═══ RECORD SET

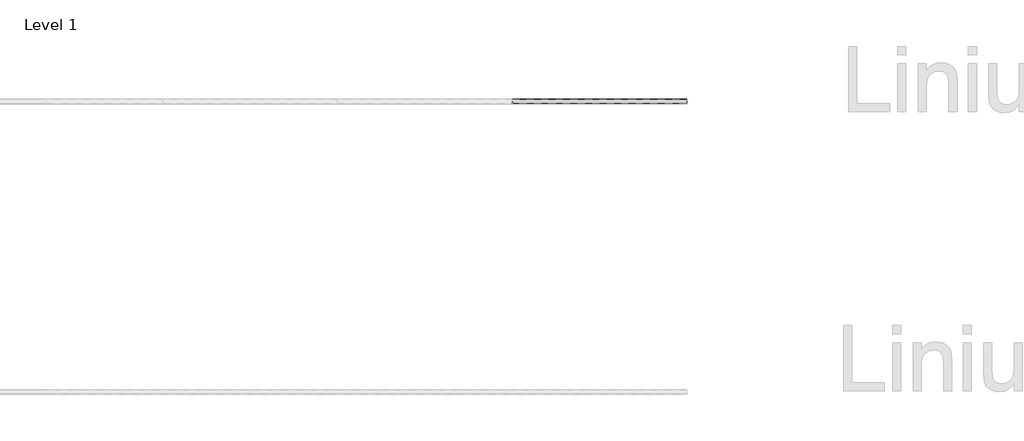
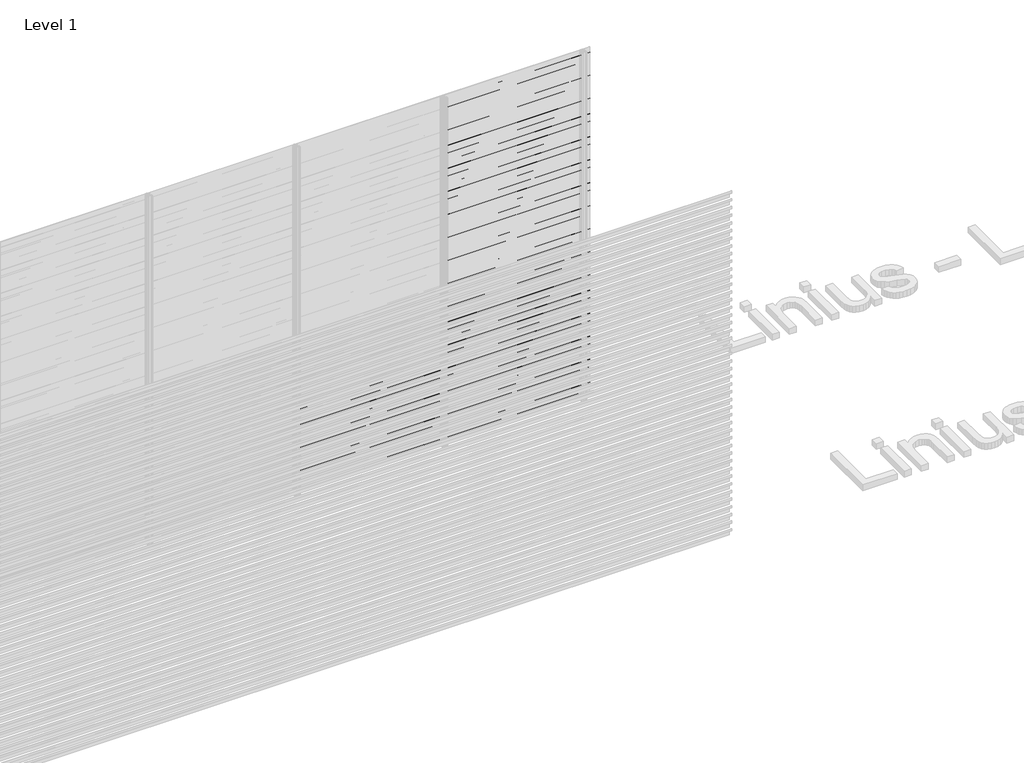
# One storey, part 61 of 540: 56 proxies.
"""IFC4 building model written with IfcOpenShell, lengths in millimetres."""

from ifc_helpers import new_model, si_unit, frame, origin, place, context, project, spatial, polyline, outline, extrude, element, save

model = new_model("IFC4")

# Units and contexts
model_context = context("Model", 3, world=origin())
ifc_project = project(units=[si_unit("LENGTHUNIT", "METRE", prefix="MILLI")], contexts=[model_context])

# Site, building, storey
site = spatial("IfcSite", under=ifc_project)
building = spatial("IfcBuilding", under=site)
storey = spatial("IfcBuildingStorey", under=building, Name="Level 1", Elevation=0.0)

# Proxies
placement = place(None, origin())
element("IfcBuildingElementProxy", 1, Name="Wall Sweeps", at=placement, inside=storey, context=model_context, shape_type="SweptSolid", body=[
    extrude(outline(polyline([(21552.8040136, 686.0), (21552.8040136, 653.0), (21551.5540136, 653.7216933), (21551.5540136, 685.2872415), (21521.8040136, 706.0588647), (21521.8040136, 726.0), (21523.0540136, 726.0), (21523.0540136, 706.7716232), (21552.8040136, 686.0)])), frame((48566.6208097, 0.0, 0.0), z_axis=(1.0, 0.0, 0.0), x_axis=(0.0, 1.0, 0.0)), (0.0, 0.0, 1.0), 1200.0),
])
element("IfcBuildingElementProxy", 2, Name="Wall Sweeps", at=placement, inside=storey, context=model_context, shape_type="SweptSolid", body=[
    extrude(outline(polyline([(21552.8040136, 620.0), (21552.8040136, 587.0), (21551.5540136, 587.7216933), (21551.5540136, 619.2872415), (21521.8040136, 640.0588647), (21521.8040136, 660.0), (21523.0540136, 660.0), (21523.0540136, 640.7716232), (21552.8040136, 620.0)])), frame((48566.6208097, 0.0, 0.0), z_axis=(1.0, 0.0, 0.0), x_axis=(0.0, 1.0, 0.0)), (0.0, 0.0, 1.0), 1200.0),
])
element("IfcBuildingElementProxy", 3, Name="Wall Sweeps", at=placement, inside=storey, context=model_context, shape_type="SweptSolid", body=[
    extrude(outline(polyline([(21552.8040136, 554.0), (21552.8040136, 521.0), (21551.5540136, 521.7216933), (21551.5540136, 553.2872415), (21521.8040136, 574.0588647), (21521.8040136, 594.0), (21523.0540136, 594.0), (21523.0540136, 574.7716232), (21552.8040136, 554.0)])), frame((48566.6208097, 0.0, 0.0), z_axis=(1.0, 0.0, 0.0), x_axis=(0.0, 1.0, 0.0)), (0.0, 0.0, 1.0), 1200.0),
])
element("IfcBuildingElementProxy", 4, Name="Wall Sweeps", at=placement, inside=storey, context=model_context, shape_type="SweptSolid", body=[
    extrude(outline(polyline([(21552.8040136, 488.0), (21552.8040136, 455.0), (21551.5540136, 455.7216933), (21551.5540136, 487.2872415), (21521.8040136, 508.0588647), (21521.8040136, 528.0), (21523.0540136, 528.0), (21523.0540136, 508.7716232), (21552.8040136, 488.0)])), frame((48566.6208097, 0.0, 0.0), z_axis=(1.0, 0.0, 0.0), x_axis=(0.0, 1.0, 0.0)), (0.0, 0.0, 1.0), 1200.0),
])
element("IfcBuildingElementProxy", 5, Name="Wall Sweeps", at=placement, inside=storey, context=model_context, shape_type="SweptSolid", body=[
    extrude(outline(polyline([(21552.8040136, 422.0), (21552.8040136, 389.0), (21551.5540136, 389.7216933), (21551.5540136, 421.2872415), (21521.8040136, 442.0588647), (21521.8040136, 462.0), (21523.0540136, 462.0), (21523.0540136, 442.7716232), (21552.8040136, 422.0)])), frame((48566.6208097, 0.0, 0.0), z_axis=(1.0, 0.0, 0.0), x_axis=(0.0, 1.0, 0.0)), (0.0, 0.0, 1.0), 1200.0),
])
element("IfcBuildingElementProxy", 6, Name="Wall Sweeps", at=placement, inside=storey, context=model_context, shape_type="SweptSolid", body=[
    extrude(outline(polyline([(21552.8040136, 356.0), (21552.8040136, 323.0), (21551.5540136, 323.7216933), (21551.5540136, 355.2872415), (21521.8040136, 376.0588647), (21521.8040136, 396.0), (21523.0540136, 396.0), (21523.0540136, 376.7716232), (21552.8040136, 356.0)])), frame((48566.6208097, 0.0, 0.0), z_axis=(1.0, 0.0, 0.0), x_axis=(0.0, 1.0, 0.0)), (0.0, 0.0, 1.0), 1200.0),
])
element("IfcBuildingElementProxy", 7, Name="Wall Sweeps", at=placement, inside=storey, context=model_context, shape_type="SweptSolid", body=[
    extrude(outline(polyline([(21552.8040136, 290.0), (21552.8040136, 257.0), (21551.5540136, 257.7216933), (21551.5540136, 289.2872415), (21521.8040136, 310.0588647), (21521.8040136, 330.0), (21523.0540136, 330.0), (21523.0540136, 310.7716232), (21552.8040136, 290.0)])), frame((48566.6208097, 0.0, 0.0), z_axis=(1.0, 0.0, 0.0), x_axis=(0.0, 1.0, 0.0)), (0.0, 0.0, 1.0), 1200.0),
])
element("IfcBuildingElementProxy", 8, Name="Wall Sweeps", at=placement, inside=storey, context=model_context, shape_type="SweptSolid", body=[
    extrude(outline(polyline([(21552.8040136, 224.0), (21552.8040136, 191.0), (21551.5540136, 191.7216933), (21551.5540136, 223.2872415), (21521.8040136, 244.0588647), (21521.8040136, 264.0), (21523.0540136, 264.0), (21523.0540136, 244.7716232), (21552.8040136, 224.0)])), frame((48566.6208097, 0.0, 0.0), z_axis=(1.0, 0.0, 0.0), x_axis=(0.0, 1.0, 0.0)), (0.0, 0.0, 1.0), 1200.0),
])
element("IfcBuildingElementProxy", 9, Name="Wall Sweeps", at=placement, inside=storey, context=model_context, shape_type="SweptSolid", body=[
    extrude(outline(polyline([(21552.8040136, 158.0), (21552.8040136, 125.0), (21551.5540136, 125.7216933), (21551.5540136, 157.2872415), (21521.8040136, 178.0588647), (21521.8040136, 198.0), (21523.0540136, 198.0), (21523.0540136, 178.7716232), (21552.8040136, 158.0)])), frame((48566.6208097, 0.0, 0.0), z_axis=(1.0, 0.0, 0.0), x_axis=(0.0, 1.0, 0.0)), (0.0, 0.0, 1.0), 1200.0),
])
element("IfcBuildingElementProxy", 10, Name="Wall Sweeps", at=placement, inside=storey, context=model_context, shape_type="SweptSolid", body=[
    extrude(outline(polyline([(21552.8040136, 92.0), (21552.8040136, 59.0), (21551.5540136, 59.7216933), (21551.5540136, 91.2872415), (21521.8040136, 112.0588647), (21521.8040136, 132.0), (21523.0540136, 132.0), (21523.0540136, 112.7716232), (21552.8040136, 92.0)])), frame((48566.6208097, 0.0, 0.0), z_axis=(1.0, 0.0, 0.0), x_axis=(0.0, 1.0, 0.0)), (0.0, 0.0, 1.0), 1200.0),
])
element("IfcBuildingElementProxy", 11, Name="Wall Sweeps", at=placement, inside=storey, context=model_context, shape_type="SweptSolid", body=[
    extrude(outline(polyline([(21552.8040136, 26.0), (21552.8040136, -7.0), (21551.5540136, -6.2783067), (21551.5540136, 25.2872415), (21521.8040136, 46.0588647), (21521.8040136, 66.0), (21523.0540136, 66.0), (21523.0540136, 46.7716232), (21552.8040136, 26.0)])), frame((48566.6208097, 0.0, 0.0), z_axis=(1.0, 0.0, 0.0), x_axis=(0.0, 1.0, 0.0)), (0.0, 0.0, 1.0), 1200.0),
])
element("IfcBuildingElementProxy", 12, Name="Wall Sweeps", at=placement, inside=storey, context=model_context, shape_type="SweptSolid", body=[
    extrude(outline(polyline([(21552.8040136, 2930.0), (21552.8040136, 2897.0), (21551.5540136, 2897.7216933), (21551.5540136, 2929.2872415), (21521.8040136, 2950.0588647), (21521.8040136, 2970.0), (21523.0540136, 2970.0), (21523.0540136, 2950.7716232), (21552.8040136, 2930.0)])), frame((49766.6208097, 0.0, 0.0), z_axis=(1.0, 0.0, 0.0), x_axis=(0.0, 1.0, 0.0)), (0.0, 0.0, 1.0), 1200.0),
])
element("IfcBuildingElementProxy", 13, Name="Wall Sweeps", at=placement, inside=storey, context=model_context, shape_type="SweptSolid", body=[
    extrude(outline(polyline([(21552.8040136, 2864.0), (21552.8040136, 2831.0), (21551.5540136, 2831.7216933), (21551.5540136, 2863.2872415), (21521.8040136, 2884.0588647), (21521.8040136, 2904.0), (21523.0540136, 2904.0), (21523.0540136, 2884.7716232), (21552.8040136, 2864.0)])), frame((49766.6208097, 0.0, 0.0), z_axis=(1.0, 0.0, 0.0), x_axis=(0.0, 1.0, 0.0)), (0.0, 0.0, 1.0), 1200.0),
])
element("IfcBuildingElementProxy", 14, Name="Wall Sweeps", at=placement, inside=storey, context=model_context, shape_type="SweptSolid", body=[
    extrude(outline(polyline([(21552.8040136, 2798.0), (21552.8040136, 2765.0), (21551.5540136, 2765.7216933), (21551.5540136, 2797.2872415), (21521.8040136, 2818.0588647), (21521.8040136, 2838.0), (21523.0540136, 2838.0), (21523.0540136, 2818.7716232), (21552.8040136, 2798.0)])), frame((49766.6208097, 0.0, 0.0), z_axis=(1.0, 0.0, 0.0), x_axis=(0.0, 1.0, 0.0)), (0.0, 0.0, 1.0), 1200.0),
])
element("IfcBuildingElementProxy", 15, Name="Wall Sweeps", at=placement, inside=storey, context=model_context, shape_type="SweptSolid", body=[
    extrude(outline(polyline([(21552.8040136, 2732.0), (21552.8040136, 2699.0), (21551.5540136, 2699.7216933), (21551.5540136, 2731.2872415), (21521.8040136, 2752.0588647), (21521.8040136, 2772.0), (21523.0540136, 2772.0), (21523.0540136, 2752.7716232), (21552.8040136, 2732.0)])), frame((49766.6208097, 0.0, 0.0), z_axis=(1.0, 0.0, 0.0), x_axis=(0.0, 1.0, 0.0)), (0.0, 0.0, 1.0), 1200.0),
])
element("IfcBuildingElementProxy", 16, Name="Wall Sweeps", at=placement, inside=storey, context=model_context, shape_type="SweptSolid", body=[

══════

▶ _TRY IT_: If a line of the records above holds the word "origin", show it.

▶ _SOLUTION FOR THIS PROBLEM_:
from ifc_helpers import new_model, si_unit, frame, origin, place, context, project, spatial, polyline, outline, extrude, element, save
model_context = context("Model", 3, world=origin())
placement = place(None, origin())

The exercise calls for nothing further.